In relation to requests for internal review, ‘special circumstances’ means:

  1. a mental or intellectual disability, disorder, disease or illness where the disability, disorder, disease or illness results in the person being unable–
    1. to understand that conduct constitutes an offence; or
    2. to control conduct that constitutes an offence; or
  2. a serious addiction to drugs, alcohol or a volatile substance within the meaning of section 57 of the Drugs, Poisons and Controlled Substances Act 1981 where the serious addiction results in the person being unable–
    1. to understand that conduct constitutes an offence; or
    2. to control conduct which constitutes an offence; or
  3. homelessness determined in accordance with the prescribed criteria (if any) where the homelessness results in the person being unable to control conduct which constitutes an offence; or
  4. family violence within the meaning of section 5 of the Family Violence Protection Act 2008 where the person is a victim of family violence and the family violence results in the person being unable to control conduct which constitutes an offence.

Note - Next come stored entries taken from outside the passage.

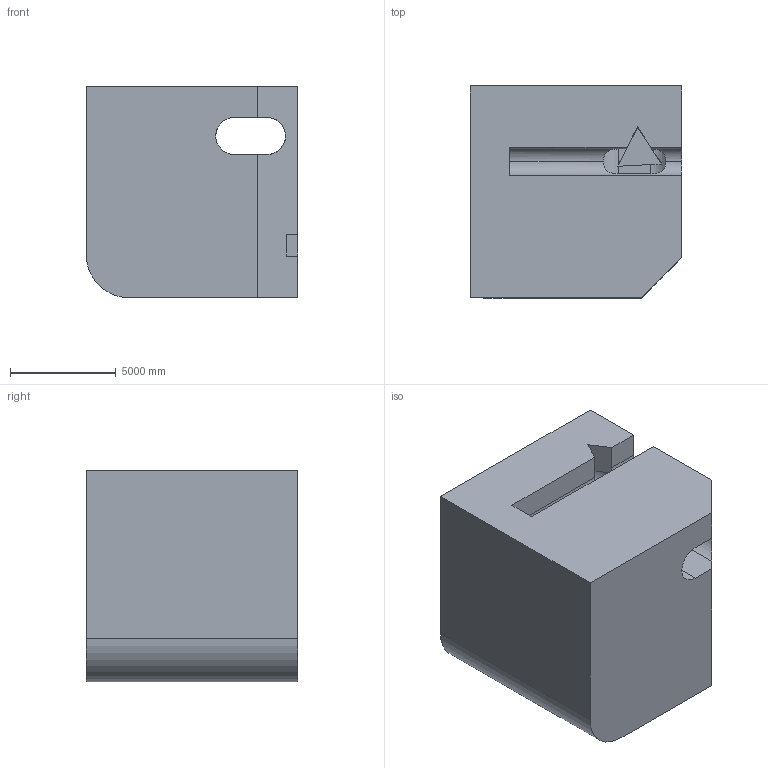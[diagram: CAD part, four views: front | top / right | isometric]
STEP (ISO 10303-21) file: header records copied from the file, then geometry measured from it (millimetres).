
FILE_DESCRIPTION (( 'STEP AP203' ), '1' );
FILE_NAME ('856.STEP', '2022-07-29T13:45:08', ( 'user' ), ( '' ), 'SwSTEP 2.0', 'SolidWorks 2021', '' );
FILE_SCHEMA (( 'CONFIG_CONTROL_DESIGN' ));
Length unit declared in the file: centimetre
Products named in the file (1): 856
Bounding box: 10000 x 10000 x 10000 mm (x, y, z)
Volume: 853339382428.8 mm3; surface area: 747542400.1 mm2
Topology: 1 solids, 1 shells, 42 faces, 132 edges, 88 vertices
Faces by surface type: plane 34, cylinder 8
Entity records: 1799 total; most frequent: CARTESIAN_POINT 565, ORIENTED_EDGE 264, DIRECTION 217, EDGE_CURVE 132, LINE 105, VECTOR 105, VERTEX_POINT 88, AXIS2_PLACEMENT_3D 56
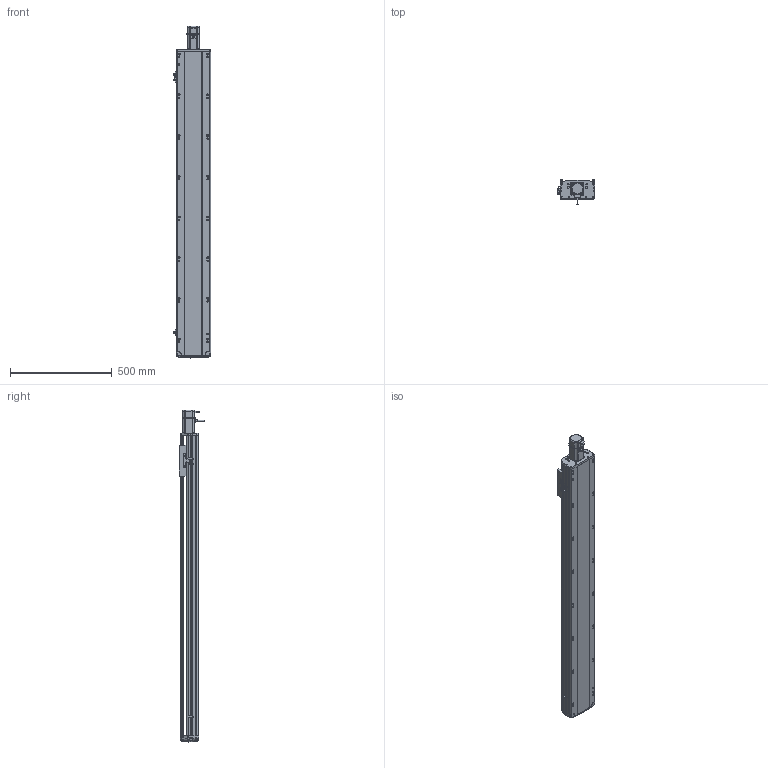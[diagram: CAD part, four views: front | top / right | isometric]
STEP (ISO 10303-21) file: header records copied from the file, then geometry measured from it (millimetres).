
FILE_DESCRIPTION (( 'STEP AP214' ), '1' );
FILE_NAME ('RTH17-XX-1250-E-M40-C4.STEP', '2025-10-24T05:46:42', ( '' ), ( '' ), 'SwSTEP 2.0', 'SolidWorks 2018', '' );
FILE_SCHEMA (( 'AUTOMOTIVE_DESIGN' ));
Length unit declared in the file: millimetre
Products named in the file (9): N_RTH17-E-008-P40电机板^RTH17-XX-XX-E-M40-C4（方程式）; N_RTH17-E-004丝杆螺母连接座^RTH17-XX-XX-E-M40-C4（方程式）; N_RTH17-GY-001P^RTH17-XX-XX-E-M40-C4（方程式）; N_RTH17-E-007上盖^RTH17-XX-XX-E-M40-C4（方程式）; RTH17-XX-1250-E-M40-C4; N_M40^RTH17-XX-XX-E-M40-C4（方程式）; N_RTH17-E-011底座^RTH17-XX-XX-E-M40-C4（方程式）; N_RTH-BL-012 感应片(外置)^RTH17-XX-XX-E-M40-C4（方程式）; N_OMRON EE-SX672 換覜ん^RTH17-XX-XX-E-M40-C4ㄗ源最宒ㄘ
Assembly tree (10 placements, depth 2):
  RTH17-XX-1250-E-M40-C4
    N_RTH17-E-011底座^RTH17-XX-XX-E-M40-C4（方程式）
    N_RTH17-E-007上盖^RTH17-XX-XX-E-M40-C4（方程式）
    N_RTH17-E-008-P40电机板^RTH17-XX-XX-E-M40-C4（方程式）
    N_OMRON EE-SX672 換覜ん^RTH17-XX-XX-E-M40-C4ㄗ源最宒ㄘ  x3
    N_RTH-BL-012 感应片(外置)^RTH17-XX-XX-E-M40-C4（方程式）
    N_RTH17-E-004丝杆螺母连接座^RTH17-XX-XX-E-M40-C4（方程式）
    N_RTH17-GY-001P^RTH17-XX-XX-E-M40-C4（方程式）
    N_M40^RTH17-XX-XX-E-M40-C4（方程式）
Bounding box: 183.5 x 127 x 1630.69 mm (x, y, z)
Volume: 11580048.6 mm3; surface area: 1522472.1 mm2
Topology: 9 solids, 11 shells, 1713 faces, 4819 edges, 3146 vertices
Faces by surface type: plane 833, cylinder 513, bspline 330, cone 28, torus 9
Entity records: 51101 total; most frequent: CARTESIAN_POINT 20286, ORIENTED_EDGE 6662, DIRECTION 5535, EDGE_CURVE 3335, VERTEX_POINT 2182, AXIS2_PLACEMENT_3D 1852, LINE 1831, VECTOR 1831
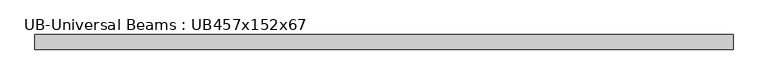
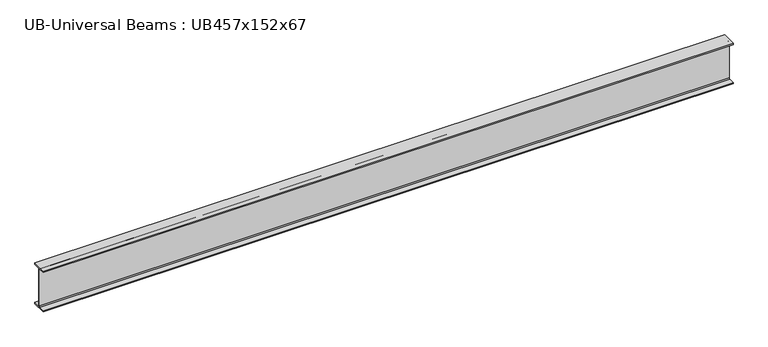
"""IFC4 building model written with IfcOpenShell, lengths in millimetres: beam geometry, UB-Universal Beams : UB457x152x67."""

from ifc_helpers import new_model, si_unit, point, frame, frame_2d, origin, place, context, project, spatial, polyline, circle_curve, trimmed, segment, composite_curve, outline, extrude, source, transform, mapped, element, save


def ub_universal_beams_ub457x152x67_b2398499(model_context):
    return source(origin(), model_context, "Body", "SweptSolid", [
        extrude(outline(composite_curve([segment(polyline([(76.9, -214.0), (76.9, -229.0), (-76.9, -229.0), (-76.9, -214.0), (-14.7, -214.0)]), True, "CONTINUOUS"), segment(trimmed(circle_curve(frame_2d((-14.7, -203.8)), 10.2), [point((-14.7, -214.0))], [point((-4.5, -203.8))], True, "CARTESIAN"), True, "CONTINUOUS"), segment(polyline([(-4.5, -203.8), (-4.5, 203.8)]), True, "CONTINUOUS"), segment(trimmed(circle_curve(frame_2d((-14.7, 203.8)), 10.2), [point((-4.5, 203.8))], [point((-14.7, 214.0))], True, "CARTESIAN"), True, "CONTINUOUS"), segment(polyline([(-14.7, 214.0), (-76.9, 214.0), (-76.9, 229.0), (76.9, 229.0), (76.9, 214.0), (14.7, 214.0)]), True, "CONTINUOUS"), segment(trimmed(circle_curve(frame_2d((14.7, 203.8)), 10.2), [point((14.7, 214.0))], [point((4.5, 203.8))], True, "CARTESIAN"), True, "CONTINUOUS"), segment(polyline([(4.5, 203.8), (4.5, -203.8)]), True, "CONTINUOUS"), segment(trimmed(circle_curve(frame_2d((14.7, -203.8)), 10.2), [point((4.5, -203.8))], [point((14.7, -214.0))], True, "CARTESIAN"), True, "CONTINUOUS"), segment(polyline([(14.7, -214.0), (76.9, -214.0)]), True, "CONTINUOUS")], self_intersect=False)), frame((-3645.7, 0.0, 0.0), z_axis=(1.0, 0.0, 0.0), x_axis=(0.0, 1.0, 0.0)), (0.0, 0.0, 1.0), 7329.3),
    ])


if __name__ == "__main__":
    model = new_model("IFC4")
    model_context = context("Model", 3, world=origin())
    ifc_project = project(units=[si_unit("LENGTHUNIT", "METRE", prefix="MILLI")], contexts=[model_context])
    site = spatial("IfcSite", under=ifc_project)
    building = spatial("IfcBuilding", under=site)
    placement = place(None, origin())
    ub_universal_beams_ub457x152x67_shape = ub_universal_beams_ub457x152x67_b2398499(model_context)
    element("IfcBeam", 1, ObjectType="UB-Universal Beams : UB457x152x67", at=placement, inside=building, context=model_context, shape_type="MappedRepresentation", body=[
        mapped(ub_universal_beams_ub457x152x67_shape, transform((0.0, 0.0, 0.0), x_axis=(1.0, 0.0, 0.0), y_axis=(0.0, 1.0, 0.0), z_axis=(0.0, 0.0, 1.0))),
    ])
    save(model, "model.ifc")
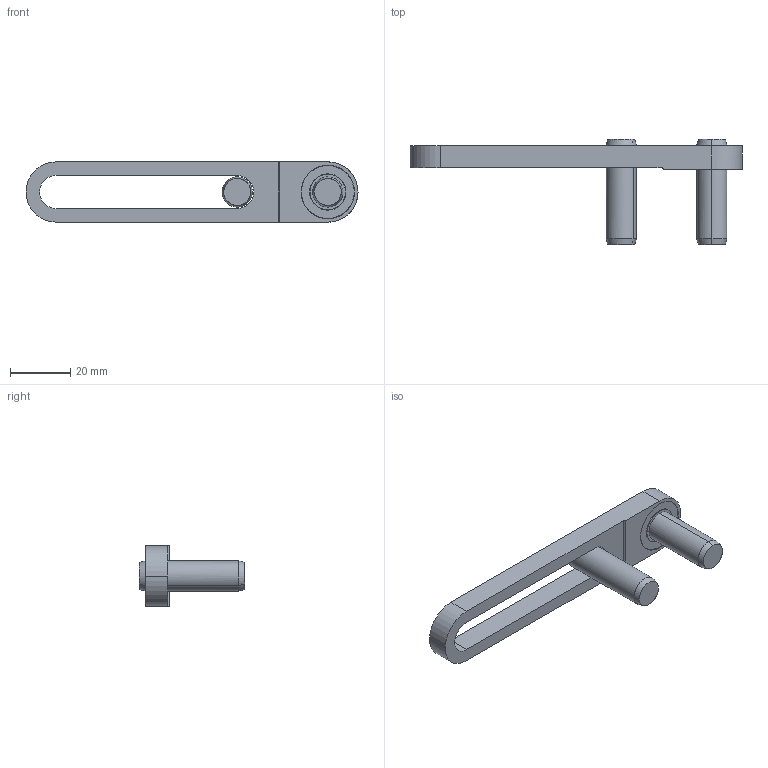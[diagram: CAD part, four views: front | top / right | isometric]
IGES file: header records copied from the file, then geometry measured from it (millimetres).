
Start section: START RECORD GO HERE.
Global section: file name: sl602008.igs; native system: DASSAULT SYSTEMES CATIA V5 R20 - www.3ds.com; preprocessor: CATIA Version 5 Release 20 ; author: Utente; organization: NB04-ASUS; date: 20201107.132648; units: millimetre
Bounding box: 110 x 35 x 20 mm (x, y, z)
Surface area: 9010.6 mm2 (no closed solid volume)
Topology: 0 solids, 0 shells, 50 faces, 216 edges, 216 vertices
Faces by surface type: revolution 35, plane 15

Choose to have the matter dealt with in court

Those who do not want the offence to be dealt with as a IN are able to exercise their right to take the matter to the Magistrates’ Court to be determined at a formal hearing.

If the matter goes to court the magistrate will decide the case and any appropriate penalty. If the magistrate finds the party guilty of the offence for which the IN was initially issued, the magistrate must take into account the maximum penalty under the EP Act when deciding an appropriate penalty, and may order the party to pay EPA’s costs.

This may mean that a higher fine than the initial one under the IN may be ordered by the court. Alternatively, the court may decide on an alternative sentence available to it under the Sentencing Act (1991) or the EP Act.